----- Data excerpts

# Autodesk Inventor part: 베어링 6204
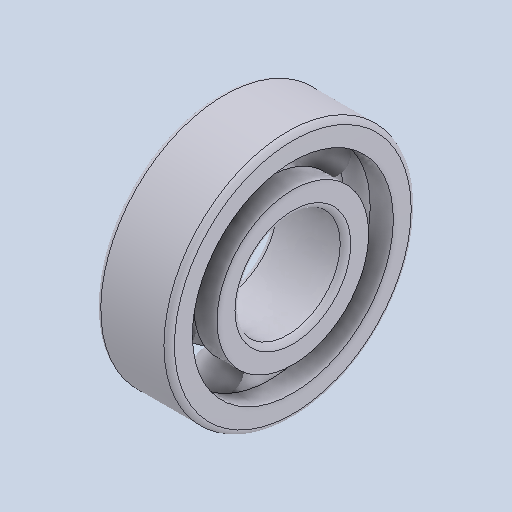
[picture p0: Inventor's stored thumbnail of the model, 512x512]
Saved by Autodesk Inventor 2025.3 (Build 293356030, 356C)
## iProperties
Created: 2025-08
Part Number: 베어링 6204
Material: 강철, 연강
Description: 깊은 그루브 볼 베어링
Document SubType Name: Modeling
Designer: user
Density: 7.86 g/cm^3
Appearance: 기본값
Sending System: Autodesk Inventor 2026
Preprocessor: ST-DEVELOPER v20.1
Author: jhkim
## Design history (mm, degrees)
sketch "스케치1"
  geometry: 1 further point
feature "Solid1"
feature "Solid1:1"
feature "Solid1:2"
feature "Solid1:3"
feature "Solid1:4"
feature "Solid1:5"
feature "Solid1:6"
feature "Solid1:7"
feature "Solid1:8"
node "솔리드1"
node "솔리드2"
node "솔리드3"
node "솔리드4"
node "솔리드5"
node "솔리드6"
node "솔리드7"
node "솔리드8"
node "솔리드9"
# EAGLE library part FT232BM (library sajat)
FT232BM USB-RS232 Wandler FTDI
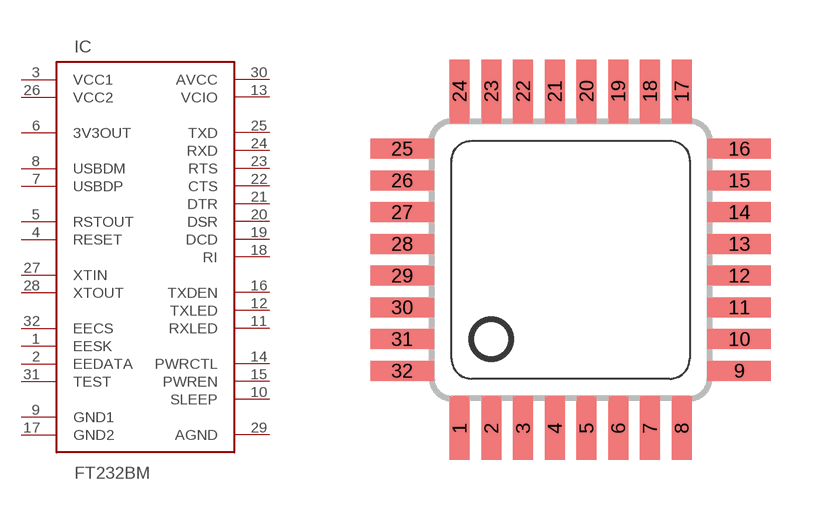
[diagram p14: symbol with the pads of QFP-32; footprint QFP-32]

Designator prefix IC

## FT232BM  [QFP-32]
1  EESK
2  EEDATA
3  VCC1  pwr
4  RESET  in
5  RSTOUT  out
6  3V3OUT  out
7  USBDP
8  USBDM
9  GND1  sup
10  SLEEP  out
11  RXLED  oc
12  TXLED  oc
13  VCIO  in
14  PWRCTL  in
15  PWREN  out
16  TXDEN  out
17  GND2  sup
18  RI  in
19  DCD  in
20  DSR  in
21  DTR  out
22  CTS  in
23  RTS  out
24  RXD  in
25  TXD  out
26  VCC2  pwr
27  XTIN  in
28  XTOUT  out
29  AGND  in
30  AVCC  in
31  TEST  in
32  EECS

## Footprint QFP-32 (pad centres in mm)
Gehäuse QFP-32
smd 0.508 x 1.6: 1 -2.8,-4.25; 2 -2,-4.25; 3 -1.2,-4.25; 4 -0.4,-4.25; 5 0.4,-4.25; 6 1.2,-4.25; 7 2,-4.25; 8 2.8,-4.25; 17 2.8,4.25; 18 2,4.25; 19 1.2,4.25; 20 0.4,4.25; 21 -0.4,4.25; 22 -1.2,4.25; 23 -2,4.25; 24 -2.8,4.25
smd 1.6 x 0.508: 9 4.25,-2.8; 10 4.25,-2; 11 4.25,-1.2; 12 4.25,-0.4; 13 4.25,0.4; 14 4.25,1.2; 15 4.25,2; 16 4.25,2.8; 25 -4.25,2.8; 26 -4.25,2; 27 -4.25,1.2; 28 -4.25,0.4; 29 -4.25,-0.4; 30 -4.25,-1.2; 31 -4.25,-2; 32 -4.25,-2.8

----------

▸ **Exercise directions**: Every entry above should be printed again exactly, except for the pictures.

▸ **The completed task**:
# Autodesk Inventor part: 베어링 6204
[picture p0: Inventor's stored thumbnail of the model, 512x512]
Saved by Autodesk Inventor 2025.3 (Build 293356030, 356C)
## iProperties
Created: 2025-08
Part Number: 베어링 6204
Material: 강철, 연강
Description: 깊은 그루브 볼 베어링
Document SubType Name: Modeling
Designer: user
Density: 7.86 g/cm^3
Appearance: 기본값
Sending System: Autodesk Inventor 2026
Preprocessor: ST-DEVELOPER v20.1
Author: jhkim
## Design history (mm, degrees)
sketch "스케치1"
  geometry: 1 further point
feature "Solid1"
feature "Solid1:1"
feature "Solid1:2"
feature "Solid1:3"
feature "Solid1:4"
feature "Solid1:5"
feature "Solid1:6"
feature "Solid1:7"
feature "Solid1:8"
node "솔리드1"
node "솔리드2"
node "솔리드3"
node "솔리드4"
node "솔리드5"
node "솔리드6"
node "솔리드7"
node "솔리드8"
node "솔리드9"
# EAGLE library part FT232BM (library sajat)
FT232BM USB-RS232 Wandler FTDI
[diagram p14: symbol with the pads of QFP-32; footprint QFP-32]

Designator prefix IC

## FT232BM  [QFP-32]
1  EESK
2  EEDATA
3  VCC1  pwr
4  RESET  in
5  RSTOUT  out
6  3V3OUT  out
7  USBDP
8  USBDM
9  GND1  sup
10  SLEEP  out
11  RXLED  oc
12  TXLED  oc
13  VCIO  in
14  PWRCTL  in
15  PWREN  out
16  TXDEN  out
17  GND2  sup
18  RI  in
19  DCD  in
20  DSR  in
21  DTR  out
22  CTS  in
23  RTS  out
24  RXD  in
25  TXD  out
26  VCC2  pwr
27  XTIN  in
28  XTOUT  out
29  AGND  in
30  AVCC  in
31  TEST  in
32  EECS

## Footprint QFP-32 (pad centres in mm)
Gehäuse QFP-32
smd 0.508 x 1.6: 1 -2.8,-4.25; 2 -2,-4.25; 3 -1.2,-4.25; 4 -0.4,-4.25; 5 0.4,-4.25; 6 1.2,-4.25; 7 2,-4.25; 8 2.8,-4.25; 17 2.8,4.25; 18 2,4.25; 19 1.2,4.25; 20 0.4,4.25; 21 -0.4,4.25; 22 -1.2,4.25; 23 -2,4.25; 24 -2.8,4.25
smd 1.6 x 0.508: 9 4.25,-2.8; 10 4.25,-2; 11 4.25,-1.2; 12 4.25,-0.4; 13 4.25,0.4; 14 4.25,1.2; 15 4.25,2; 16 4.25,2.8; 25 -4.25,2.8; 26 -4.25,2; 27 -4.25,1.2; 28 -4.25,0.4; 29 -4.25,-0.4; 30 -4.25,-1.2; 31 -4.25,-2; 32 -4.25,-2.8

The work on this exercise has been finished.